WHAT IS EXPECTED |
Once every line in the data below has been checked for "Continuous", give the number of lines that hold it, and only that.

SOURCE DATA |
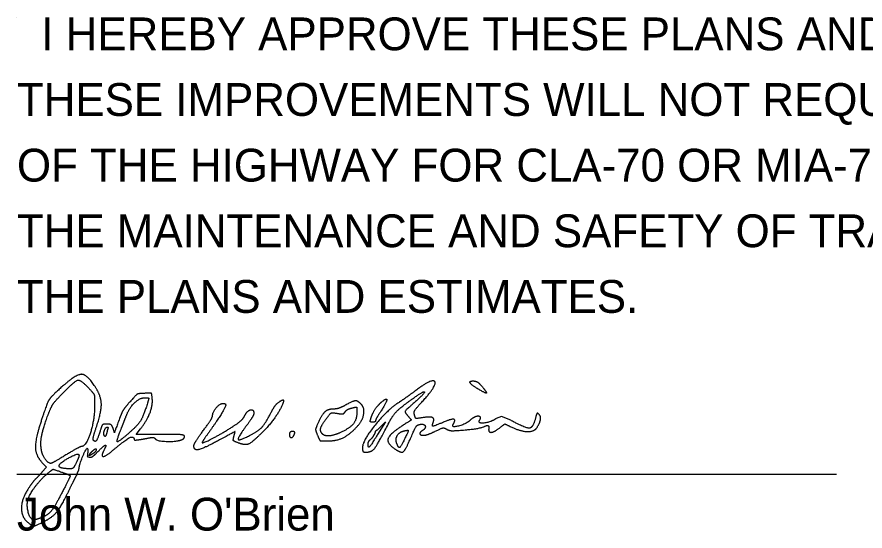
# Model space of a CAD drawing. Extents: x 0 to 34, y 0 to 22.
# Drawn here: x 24.528 to 28.149, y 8.684 to 10.877 of the extents above; entities that cross this region are included whole.
import ezdxf

# ---------------------------------------------------------------- set-up
doc = ezdxf.new("R2010")
doc.units = 0
doc.layers.add('SH_Data', color=7, linetype='Continuous')
doc.layers.add('SH_Text', color=7, linetype='Continuous')

msp = doc.modelspace()

# ---------------------------------------------------------------- linework, layer by layer
at = {"layer": 'SH_Data'}
for p, q in [((24.5279, 10.875), (24.5279, 10.875)), ((24.5279, 8.9262), (28.0279, 8.9262))]:
    msp.add_line(p, q, dxfattribs=at)
at = {"layer": 'SH_Text'}
msp.add_line((26.4932, 9.2925), (26.4932, 9.2925), dxfattribs=at)
for points in [[(26.636, 9.1565), (26.597, 9.1731), (26.574, 9.1646)], [(26.0685, 9.1173), (26.1019, 9.1505), (26.0672, 9.0956)], [(25.1404, 9.0966), (25.0375, 9.0966), (25.0558, 9.1206)], [(24.6346, 8.9772), (24.654, 8.9566), (24.6346, 8.9348)]]:
    msp.add_lwpolyline(points, dxfattribs=at)
for points in [[(24.8676, 9.2902), (24.8304, 9.3511), (24.781, 9.3542), (24.7199, 9.2995)], [(24.7219, 9.2706), (24.7758, 9.3259), (24.8, 9.3304), (24.836, 9.2918)], [(26.2529, 9.2302), (26.3225, 9.305), (26.3023, 9.3379), (26.2232, 9.2785)], [(26.4932, 9.2925), (26.467, 9.3085), (26.4588, 9.3248), (26.4772, 9.3244)], [(26.4772, 9.3244), (26.4887, 9.3241), (26.5064, 9.3108), (26.5222, 9.2906)], [(24.7199, 9.2995), (24.6737, 9.2582), (24.656, 9.2292), (24.6319, 9.1557)], [(24.6595, 9.1766), (24.672, 9.2107), (24.69, 9.2379), (24.7219, 9.2706)], [(24.836, 9.2918), (24.8564, 9.2699), (24.8592, 9.261), (24.8592, 9.2177)], [(24.8663, 9.1257), (24.888, 9.1897), (24.8885, 9.2559), (24.8676, 9.2902)], [(25.0723, 9.2716), (25.0465, 9.2708), (25.0363, 9.2649), (25.0106, 9.2359)], [(25.1056, 9.2482), (25.1034, 9.271), (25.1012, 9.2725), (25.0723, 9.2716)], [(26.2232, 9.2785), (26.2012, 9.262), (26.1724, 9.2416), (26.1592, 9.2331)], [(26.2332, 9.2597), (26.2688, 9.2843), (26.2661, 9.2682), (26.2292, 9.2362)], [(26.5222, 9.2906), (26.5367, 9.2722), (26.5254, 9.2729), (26.4932, 9.2925)], [(25.0106, 9.2359), (24.9936, 9.2167), (24.976, 9.1911), (24.9715, 9.1788)], [(24.9955, 9.1777), (25.008, 9.2099), (25.052, 9.2526), (25.0726, 9.2526)], [(25.0869, 9.2346), (25.0699, 9.1788), (25.0454, 9.1369), (25.013, 9.1083)], [(25.0558, 9.1206), (25.0834, 9.1568), (25.1083, 9.2207), (25.1056, 9.2482)], [(25.0726, 9.2526), (25.0893, 9.2526), (25.0915, 9.2499), (25.0869, 9.2346)], [(25.64, 9.2292), (25.6828, 9.2648), (25.629, 9.1584), (25.5787, 9.1082)], [(25.9977, 9.225), (25.982, 9.2407), (25.9646, 9.2396), (25.9291, 9.2206)], [(26.0397, 9.1666), (26.0462, 9.1874), (26.0692, 9.2216), (26.0861, 9.2357)], [(26.0861, 9.2357), (26.1081, 9.2539), (26.1061, 9.232), (26.0827, 9.1971)], [(26.1167, 9.1474), (26.1337, 9.18), (26.1732, 9.218), (26.2332, 9.2597)], [(26.2292, 9.2362), (26.1879, 9.2003), (26.1832, 9.1903), (26.1992, 9.1727)], [(24.8592, 9.2177), (24.8592, 9.1578), (24.8225, 9.0446), (24.803, 9.0446)], [(25.4192, 9.2214), (25.4192, 9.2136), (25.3786, 9.1487), (25.3398, 9.0946)], [(25.3632, 9.1766), (25.3632, 9.1916), (25.3949, 9.2286), (25.4078, 9.2286)], [(25.4078, 9.2286), (25.4141, 9.2286), (25.4192, 9.2254), (25.4192, 9.2214)], [(25.5007, 9.1766), (25.5102, 9.1974), (25.5392, 9.2045), (25.5392, 9.1861)], [(25.611, 9.1861), (25.6205, 9.2045), (25.6335, 9.2239), (25.64, 9.2292)], [(25.883, 9.2046), (25.857, 9.2046), (25.8307, 9.1828), (25.8153, 9.1487)], [(25.9291, 9.2206), (25.9127, 9.2118), (25.892, 9.2046), (25.883, 9.2046)], [(25.9291, 9.1925), (25.9325, 9.1985), (25.9451, 9.2058), (25.9572, 9.2088)], [(25.9572, 9.2088), (25.9776, 9.2139), (25.9792, 9.2125), (25.9792, 9.1901)], [(25.9786, 9.128), (26.0029, 9.1537), (26.0137, 9.209), (25.9977, 9.225)], [(26.1592, 9.2331), (26.1093, 9.2011), (26.0032, 9.0692), (26.0032, 9.0392)], [(26.2252, 9.1794), (26.2222, 9.1911), (26.2302, 9.2057), (26.2529, 9.2302)], [(24.6328, 9.0272), (24.6272, 9.0565), (24.6384, 9.1192), (24.6595, 9.1766)], [(24.9715, 9.1788), (24.9427, 9.1013), (24.9449, 9.105), (24.9381, 9.1235)], [(24.9722, 9.1186), (24.9814, 9.1417), (24.9919, 9.1683), (24.9955, 9.1777)], [(25.3232, 9.1126), (25.3452, 9.1424), (25.3632, 9.1712), (25.3632, 9.1766)], [(25.4494, 9.1297), (25.4726, 9.1445), (25.4957, 9.1656), (25.5007, 9.1766)], [(25.5392, 9.1861), (25.5392, 9.1802), (25.5248, 9.1562), (25.5072, 9.1325)], [(25.5203, 9.0912), (25.5584, 9.1108), (25.5884, 9.1422), (25.611, 9.1861)], [(25.8326, 9.0979), (25.8214, 9.1091), (25.828, 9.1361), (25.8483, 9.1627)], [(25.8483, 9.1627), (25.8668, 9.187), (25.8727, 9.1898), (25.8962, 9.186)], [(25.8962, 9.186), (25.9142, 9.1831), (25.925, 9.1852), (25.9291, 9.1925)], [(25.9792, 9.1901), (25.9792, 9.1606), (25.9497, 9.1234), (25.9121, 9.1056)], [(26.0467, 9.1486), (26.0374, 9.1486), (26.0356, 9.1532), (26.0397, 9.1666)], [(26.0827, 9.1971), (26.0698, 9.1779), (26.0592, 9.1591), (26.0592, 9.1554)], [(26.1992, 9.1727), (26.2118, 9.1587), (26.2113, 9.1571), (26.1899, 9.1438)], [(26.2584, 9.1675), (26.2339, 9.1636), (26.2289, 9.1654), (26.2252, 9.1794)], [(26.3044, 9.1449), (26.3116, 9.1636), (26.2926, 9.1729), (26.2584, 9.1675)], [(26.5033, 9.1567), (26.5134, 9.1731), (26.4821, 9.1744), (26.4648, 9.1583)], [(26.574, 9.1646), (26.5525, 9.1482), (26.4941, 9.1419), (26.5033, 9.1567)], [(26.7424, 9.1678), (26.7319, 9.1249), (26.7008, 9.1216), (26.636, 9.1565)], [(26.7567, 9.1824), (26.7506, 9.1884), (26.7465, 9.1842), (26.7424, 9.1678)], [(26.7476, 9.1246), (26.7612, 9.1455), (26.7656, 9.1735), (26.7567, 9.1824)], [(24.6319, 9.1557), (24.6059, 9.0764), (24.607, 9.0067), (24.6346, 8.9772)], [(24.8545, 9.0707), (24.8517, 9.0735), (24.8571, 9.0982), (24.8663, 9.1257)], [(24.9121, 9.1406), (24.8965, 9.1406), (24.8905, 9.1345), (24.8829, 9.1106)], [(24.9062, 9.1246), (24.9197, 9.1312), (24.913, 9.1121), (24.9118, 9.1043)], [(24.9381, 9.1235), (24.934, 9.1346), (24.9249, 9.1406), (24.9121, 9.1406)], [(25.3196, 9.0606), (25.3278, 9.0606), (25.4081, 9.1033), (25.4494, 9.1297)], [(25.5072, 9.1325), (25.47, 9.0827), (25.4747, 9.0678), (25.5203, 9.0912)], [(25.8153, 9.1487), (25.8032, 9.1219), (25.8026, 9.1135), (25.8111, 9.0929)], [(25.8552, 9.0686), (25.8926, 9.0686), (25.9478, 9.0952), (25.9786, 9.128)], [(26.0178, 9.0206), (26.0424, 9.0206), (26.0675, 9.0528), (26.1167, 9.1474)], [(26.0592, 9.1554), (26.0592, 9.1517), (26.0536, 9.1486), (26.0467, 9.1486)], [(26.1899, 9.1438), (26.1224, 9.1019), (26.1042, 9.0589), (26.143, 9.0335)], [(26.208, 9.0787), (26.2265, 9.1221), (26.2371, 9.1373), (26.25, 9.1392)], [(26.25, 9.1392), (26.2679, 9.1418), (26.2747, 9.1222), (26.2592, 9.1126)], [(26.3611, 9.1531), (26.3092, 9.1319), (26.2989, 9.1304), (26.3044, 9.1449)], [(26.3905, 9.1395), (26.4015, 9.1572), (26.3872, 9.1638), (26.3611, 9.1531)], [(26.4648, 9.1583), (26.4453, 9.1401), (26.3809, 9.1238), (26.3905, 9.1395)], [(26.4563, 9.1171), (26.5084, 9.122), (26.5469, 9.1416), (26.5419, 9.1167)], [(26.59, 9.1251), (26.6104, 9.1411), (26.6116, 9.1412), (26.6411, 9.1271)], [(26.6411, 9.1271), (26.6784, 9.1093), (26.7368, 9.1079), (26.7476, 9.1246)], [(24.8829, 9.1106), (24.8723, 9.0773), (24.8621, 9.0631), (24.8545, 9.0707)], [(24.8992, 9.1001), (24.8992, 9.1043), (24.8998, 9.1099), (24.9062, 9.1246)], [(24.9118, 9.1043), (24.9078, 9.087), (24.8992, 9.0886), (24.8992, 9.1001)], [(25.013, 9.1083), (24.962, 9.0635), (24.9513, 9.0662), (24.9722, 9.1186)], [(25.2432, 9.0875), (25.2432, 9.0938), (25.2122, 9.0966), (25.1404, 9.0966)], [(25.2832, 9.0475), (25.2832, 9.0535), (25.3012, 9.0828), (25.3232, 9.1126)], [(25.3398, 9.0946), (25.3264, 9.0759), (25.3173, 9.0606), (25.3196, 9.0606)], [(25.4546, 9.0889), (25.4595, 9.1084), (25.4579, 9.108), (25.3928, 9.0728)], [(25.5787, 9.1082), (25.5329, 9.0624), (25.5023, 9.0488), (25.4719, 9.0604)], [(25.7039, 9.1086), (25.6969, 9.1086), (25.6912, 9.1029), (25.6912, 9.0959)], [(25.6912, 9.0959), (25.6912, 9.0818), (25.7085, 9.0843), (25.7134, 9.0991)], [(25.7134, 9.0991), (25.7151, 9.1043), (25.7109, 9.1086), (25.7039, 9.1086)], [(25.8111, 9.0929), (25.8201, 9.0712), (25.8248, 9.0686), (25.8552, 9.0686)], [(25.9121, 9.1056), (25.8843, 9.0924), (25.8422, 9.0883), (25.8326, 9.0979)], [(26.0672, 9.0956), (26.041, 9.0516), (26.0272, 9.0373), (26.0272, 9.0539)], [(26.0392, 9.0766), (26.0458, 9.0821), (26.0512, 9.0914), (26.0546, 9.0967)], [(26.0546, 9.0967), (26.0583, 9.1034), (26.059, 9.1122), (26.0685, 9.1173)], [(26.1499, 9.0571), (26.143, 9.0753), (26.1592, 9.1057), (26.1786, 9.1107)], [(26.1786, 9.1107), (26.1989, 9.1161), (26.1993, 9.1095), (26.1812, 9.0731)], [(26.2592, 9.1126), (26.2466, 9.1048), (26.2499, 9.0926), (26.2647, 9.0926)], [(26.2647, 9.0926), (26.2721, 9.0926), (26.2942, 9.1004), (26.3138, 9.1099)], [(26.3138, 9.1099), (26.3413, 9.1232), (26.3526, 9.1251), (26.3634, 9.1184)], [(26.3634, 9.1184), (26.3732, 9.1123), (26.401, 9.1119), (26.4563, 9.1171)], [(26.5419, 9.1167), (26.5423, 9.1034), (26.5677, 9.1075), (26.59, 9.1251)], [(24.9324, 9.0243), (24.9663, 9.0529), (25.0264, 9.0971), (25.0295, 9.0718)], [(25.0295, 9.0718), (25.0437, 9.0731), (25.0683, 9.0769), (25.0843, 9.0801)], [(25.0843, 9.0801), (25.1028, 9.0839), (25.1154, 9.0829), (25.1188, 9.0773)], [(25.1188, 9.0773), (25.1245, 9.0681), (25.209, 9.0652), (25.2306, 9.0735)], [(25.2306, 9.0735), (25.2375, 9.0761), (25.2432, 9.0824), (25.2432, 9.0875)], [(25.3928, 9.0728), (25.3258, 9.0365), (25.2832, 9.0267), (25.2832, 9.0475)], [(25.4719, 9.0604), (25.4533, 9.0674), (25.4504, 9.0722), (25.4546, 9.0889)], [(26.0272, 9.0539), (26.0272, 9.0609), (26.0326, 9.0711), (26.0392, 9.0766)], [(26.1812, 9.0731), (26.1659, 9.0423), (26.1573, 9.0379), (26.1499, 9.0571)], [(26.173, 9.0207), (26.1786, 9.0208), (26.1944, 9.0469), (26.208, 9.0787)], [(24.6725, 8.9726), (24.6619, 8.9726), (24.6366, 9.0074), (24.6328, 9.0272)], [(24.803, 9.0446), (24.7991, 9.0446), (24.7691, 9.0284), (24.7365, 9.0086)], [(24.792, 8.9444), (24.7951, 8.9734), (24.8361, 9.0628), (24.8283, 9.0021)], [(24.8283, 9.0021), (24.8419, 8.9972), (24.8569, 9.0056), (24.8708, 9.0202)], [(24.8603, 9.02), (24.8459, 9.0093), (24.833, 9.0039), (24.841, 9.0157)], [(24.841, 9.0157), (24.8436, 9.0195), (24.8482, 9.0235), (24.8544, 9.0286)], [(24.8544, 9.0286), (24.8647, 9.0389), (24.8678, 9.028), (24.8603, 9.02)], [(24.8708, 9.0202), (24.8973, 9.0478), (24.9119, 9.0524), (24.8995, 9.0291)], [(24.8995, 9.0291), (24.886, 9.0038), (24.9047, 9.0011), (24.9324, 9.0243)], [(26.0032, 9.0392), (26.0032, 9.0265), (26.0079, 9.0206), (26.0178, 9.0206)], [(26.143, 9.0335), (26.1538, 9.0264), (26.1673, 9.0207), (26.173, 9.0207)], [(24.7365, 9.0086), (24.7039, 8.9888), (24.6751, 8.9726), (24.6725, 8.9726)], [(24.709, 8.9658), (24.7125, 8.9763), (24.786, 9.0165), (24.7916, 9.0109)], [(24.7916, 9.0109), (24.794, 9.0085), (24.7897, 8.9935), (24.7821, 8.9776)], [(24.6594, 8.9304), (24.6806, 8.9477), (24.6826, 8.9479), (24.7183, 8.9357)], [(24.7518, 8.9495), (24.7233, 8.9511), (24.7062, 8.9576), (24.709, 8.9658)], [(24.7821, 8.9776), (24.7724, 8.9573), (24.7633, 8.9489), (24.7518, 8.9495)], [(24.7792, 8.9159), (24.7828, 8.921), (24.7859, 8.9315), (24.792, 8.9444)], [(24.5745, 8.8165), (24.5802, 8.8392), (24.631, 8.9073), (24.6594, 8.9304)], [(24.6346, 8.9348), (24.624, 8.9229), (24.6112, 8.9094), (24.6063, 8.9048)], [(24.7183, 8.9357), (24.7386, 8.9288), (24.7552, 8.9213), (24.7552, 8.9191)], [(24.7552, 8.9191), (24.7552, 8.9169), (24.7405, 8.8868), (24.7226, 8.8522)], [(24.7491, 8.8553), (24.7618, 8.8822), (24.7762, 8.909), (24.7792, 8.9159)], [(24.6063, 8.9048), (24.6013, 8.9003), (24.5878, 8.8823), (24.5763, 8.8648)], [(24.5763, 8.8648), (24.5453, 8.8179), (24.5487, 8.7373), (24.5824, 8.7147)], [(24.7226, 8.8522), (24.688, 8.7858), (24.6592, 8.7513), (24.6287, 8.7397)], [(24.6426, 8.7243), (24.6803, 8.7435), (24.7185, 8.7905), (24.7491, 8.8553)], [(24.599, 8.7326), (24.5855, 8.7326), (24.5682, 8.7916), (24.5745, 8.8165)], [(24.6287, 8.7397), (24.6185, 8.7358), (24.6052, 8.7326), (24.599, 8.7326)], [(24.5824, 8.7147), (24.5964, 8.7054), (24.6097, 8.7075), (24.6426, 8.7243)]]:
    msp.add_open_spline(points, degree=2, dxfattribs=at)

# ---------------------------------------------------------------- texts
for s, p in [('  I HEREBY APPROVE THESE PLANS AND DECLARE THAT THE MAKING OF ', (24.5279, 10.735)), ('THESE IMPROVEMENTS WILL NOT REQUIRE THE CLOSING TO TRAFFIC', (24.5279, 10.455)), ('OF THE HIGHWAY FOR CLA-70 OR MIA-75, AND THAT PROVISIONS FOR', (24.5279, 10.175)), ('THE MAINTENANCE AND SAFETY OF TRAFFIC WILL BE AS SET FORTH ON', (24.5279, 9.895)), ('THE PLANS AND ESTIMATES.', (24.5279, 9.615)), ("John W. O'Brien", (24.5279, 8.6862))]:
    msp.add_text(s, height=0.14, dxfattribs=at).set_placement(p)

doc.saveas('drawing.dxf')

SOLUTION FOR THIS PROBLEM |
2